In your case, yes, it probably better to directly enter a weekly calorie target, rather than using Spark's minutes/days assumptions.


HACK_HACKER SparkPoints: (16,150)
Fitness Minutes: (29,163)
Posts: 54
12/9/12 9:16 P

Thanks for all the posts! I see what you mean. And the fitness tracker has been instructing me to change my fitness goals, but I don't understand what setting I need to change. I already told it that I plan to do cardio exercise 5 times a week--I try to do it before every exercise session, even if I'm strength training. Do I need to tell it that I know I burn X calories a week? The setting on the bottom of the page?

And I'm definitely not trying to eat less than my calorie allotment. I actually got all 1500 in today! But it's a lot of effort to eat that much, since I don't keep snacks around. I'm working on it, though!

MOTIVATED@LAST Posts: 15,437
12/8/12 8:57 P


Spark's intake recommendations take into account exercise averaged over the week.

The body typically has a reserve of about 2000 calories of usable energy, and should easily be able to cope with 650 calories of exercise, even if this is more than the daily average. It might be a different matter if you were burning 1500 calories, where you should be eating something before or during exercise to avoid depleting those reserves.


MOTIVATED@LAST Posts: 15,437
12/8/12 8:48 P


Exercising more is good.

But I agree with Bubble - Spark's default goals are based on 30 minutes 3 times per week of moderate exercise, and it is fairly easy to exceed them if you push things a bit more. Update your Goals to more accurately reflect what you are burning.

It is important to eat appropriately to support higher levels of activity. Dramatically undereating can be effective in the short term (over a few days), but over the longer term, this is definitely not a healthy approach. It makes it difficult for your body to get all the nutrients it needs, and opening up too large a calorie deficit can lead the body to trying to close the gap by slowing your metabolism, sacrificing muscle to preserve fat, etc.

Spark's intake recommendations are based on what someone of your height and weight, and activity level would need, and going significantly under this number is not a healthy approach.


BUBBLEJ1 Posts: 2,981
12/8/12 4:36 P

Vegan - If your fitness goals are accurate then they account for exercise done, so no you don't need to eat more. If your fitness goals are not accurate then change them and see what your new range is.

VEGANMEGAN4LIFE SparkPoints: (1,667)
Fitness Minutes: (615)
Posts: 24
12/8/12 3:55 P

Hi Everyone!

I am a bit confused also.

I have eaten all my calories for the day (1500). But I did a major workout (hiking with a field-pack) and burned 650 calories.

So does that mean I can eat more calories for the day?

BUBBLEJ1 Posts: 2,981
12/8/12 3:18 P

Sparkpeople sets you up with low goals (to make them manageable for beginners). You need to reset your fitness goal to suit you. On the left side of your homepage you will see your fitness goal (xxx minutes to go!). Under that is a link that says change goal. Click on that and set your goal to something more realistic. You can do this whenever you want.

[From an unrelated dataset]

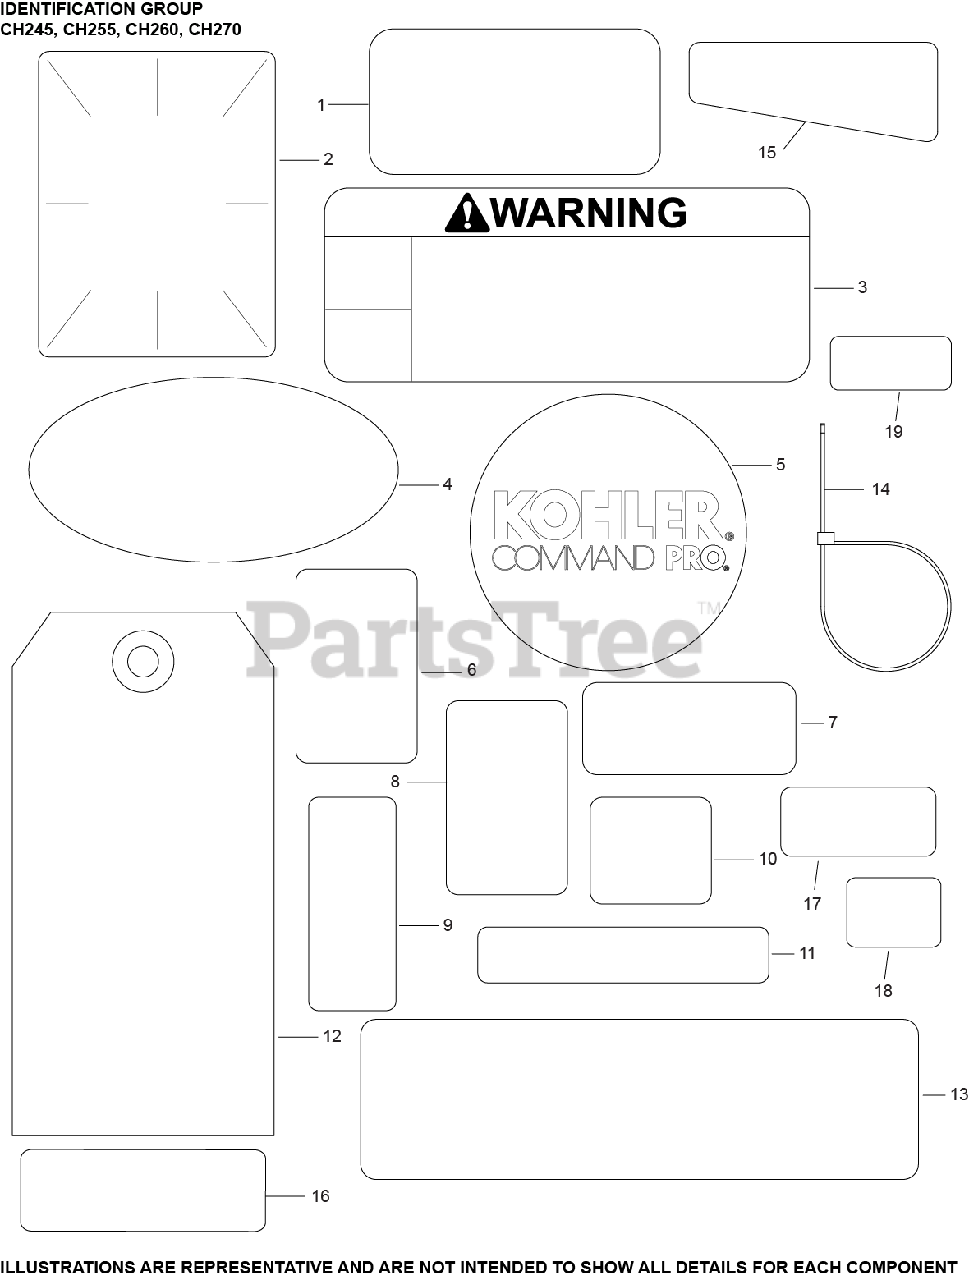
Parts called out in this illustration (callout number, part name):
1	LABEL, MAINTENANCE (CKY)
2	LABEL, CLEAR LAMINATION
5	LABEL, RECOIL 62MM
10	LABEL, LPAC CHOKE

When you do this your calorie range will most likely increase. So you will need to address coming in under your calories. Your body needs fuel to exercise and live, and eating too little will actually harm your weight loss. If you make your sparkpage/trackers public people can give you specific advice.

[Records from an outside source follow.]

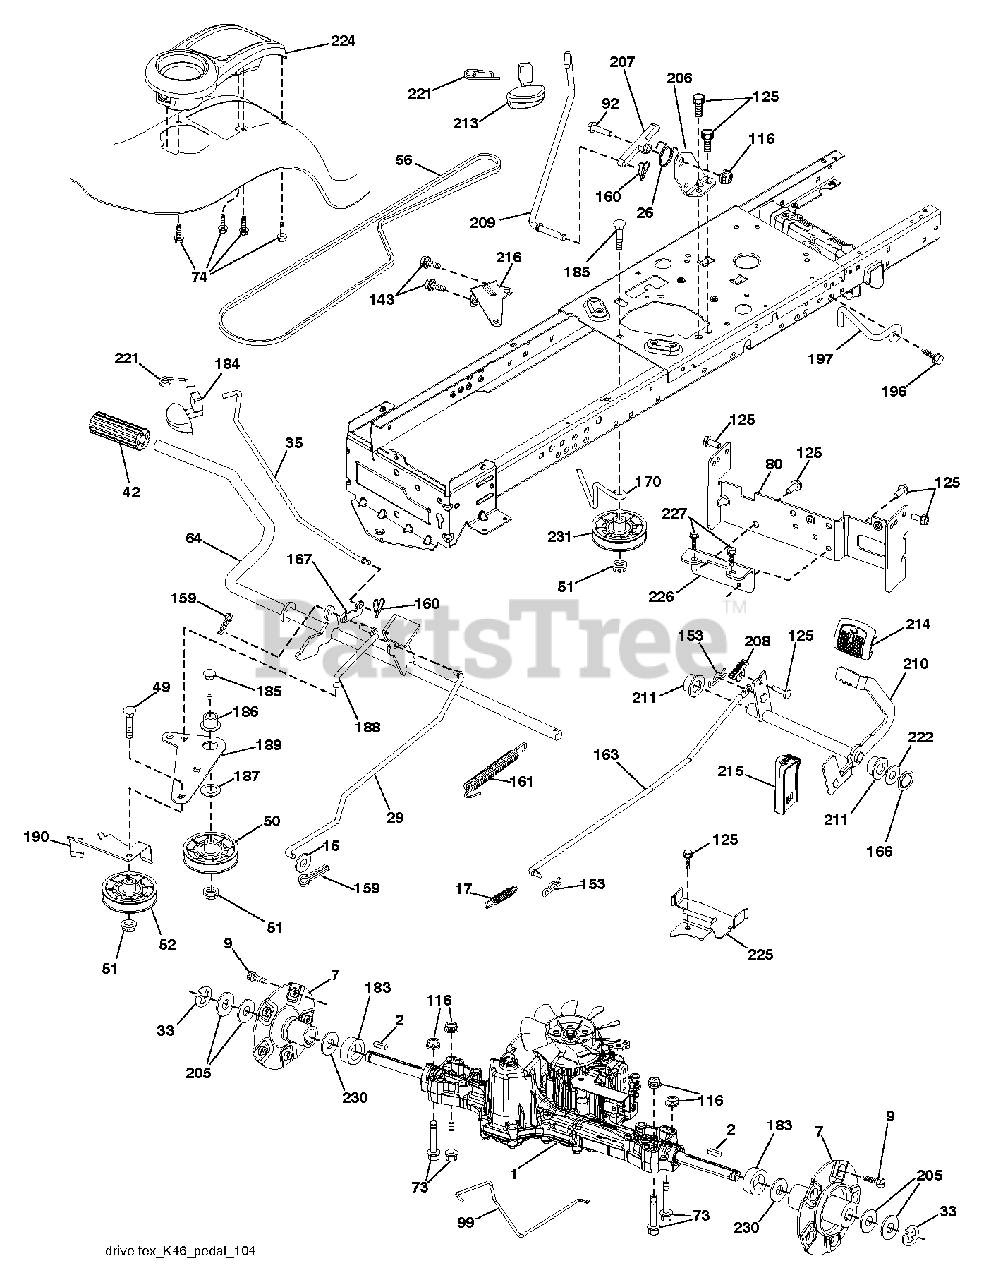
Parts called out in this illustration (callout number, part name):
2	KEY.SQUARE.187X2.500
7	HUB.ASM.WHEEL.REAR.22"
17	SPRING.BRAKE.K46.GREEN
26	SPRING.RETURN.CRUISE
29	ROD.BRAKE.K46
35	ROD.BRAKE.PARTK.HUSQ.TEX
42	PEDAL COVER T
49	BOLT
50	IDLER.FLAT.910.OFFSET
51	NUT LOCK FLG 3/8-16 UNC
52	IDLER.V-GROOVE.910.OFFSET
64	SHAFT.ASM.PEDAL.BRK.CNTR
74	SCREW.HI-LO.CONSOLE
80	STRAP.TORQUE.K46.K57R.TT
92	BOLT
99	ROD.SPRING.BYPASS.K46.LT.Z
116	NUT LOCK HEX FLANGE 5/16-18
125	SCREW
153	RETAINER M
159	COTTER PIN
160	RETAINER CLIP
161	SPRING, RETURN LT
163	ROD.CONTROL.PEDAL.K46
167	LATCH.BRAKE.SPRING
170	KEEPER.CENTER SPAN.1.688
183	SPACER.SPLIT.800X.350
184	HANDLE.PARKG.BRK.HUSQ/PRED.667
186	SPACER.RETAINER
187	WASHER 12/32X2X10GA
188	LINK.CLUTCH.GROUND.DRIVE
189	BELLCRANK.GROUND.DRIVE.TEX.
190	KEEPER.BELLCRANK.DRIVE
196	SCREW 3/8-16X1
197	BRKT.ANIT-ROTATION.CLU
206	BRKT.MOUNT.LATCH.CRUIS
207	LATCH.CONTROL.CRUISE
208	GEAR.SECTOR.CONTROL.CR
209	ROD.CONTROL.CRUISE.GT.
210	ROCKER.ASM.PEDAL.CONTR
211	BEARING.NYLON
213	KNOB.CONTROL.CRUSIE.HU
214	PAD PEDAL FORWARD
215	PEDAL.REVERSE.TEX.GT.4
216	BRACKET.PULLEY.IDLER.W/TEX
221	RETAINER.SPRING.CLIP.H
222	WASHER 21/32 X 1-1/4 X 10 GA.
224	CONSOLE.TOOLBOX.PCH.ERGO.BLACK
225	KEEPER.BELT.TRANSAXLE.K46
226	BRACKET.MOUNT.TORQUE.K46.TLT
227	SCREW
230	WASHER.HARDENED
231	IDLER.V-GROOVE.1.688.OFFSET

Edited by: BUBBLEJ1 at: 12/8/2012 (15:20)
HACK_HACKER SparkPoints: (16,150)
Fitness Minutes: (29,163)
Posts: 54
12/8/12 2:17 P

I'm new to the site but not new to fitness. For the most part, I'm just trying to trim back some pounds and improve my stamina, and SparkPeople has been a huge help in keeping me engaged and accountable for my health.

I'll admit that tracking my diet has me avoiding the Nutella in the cupboard, but somehow, three days in a row, I've come in under my calorie minimum by 500 calories nearly. And I hit my calories burned goal for the month on my second day of cardio.

I don't think intentionally eating more is going to help, but I also don't want to exercise less! I reached my fitness minutes goal today (again, only my fourth day tracking). Am I doing something wrong with my exercises? Should I really exercise less? Or is this just SparkPeople's algorithm underestimating my capabilities?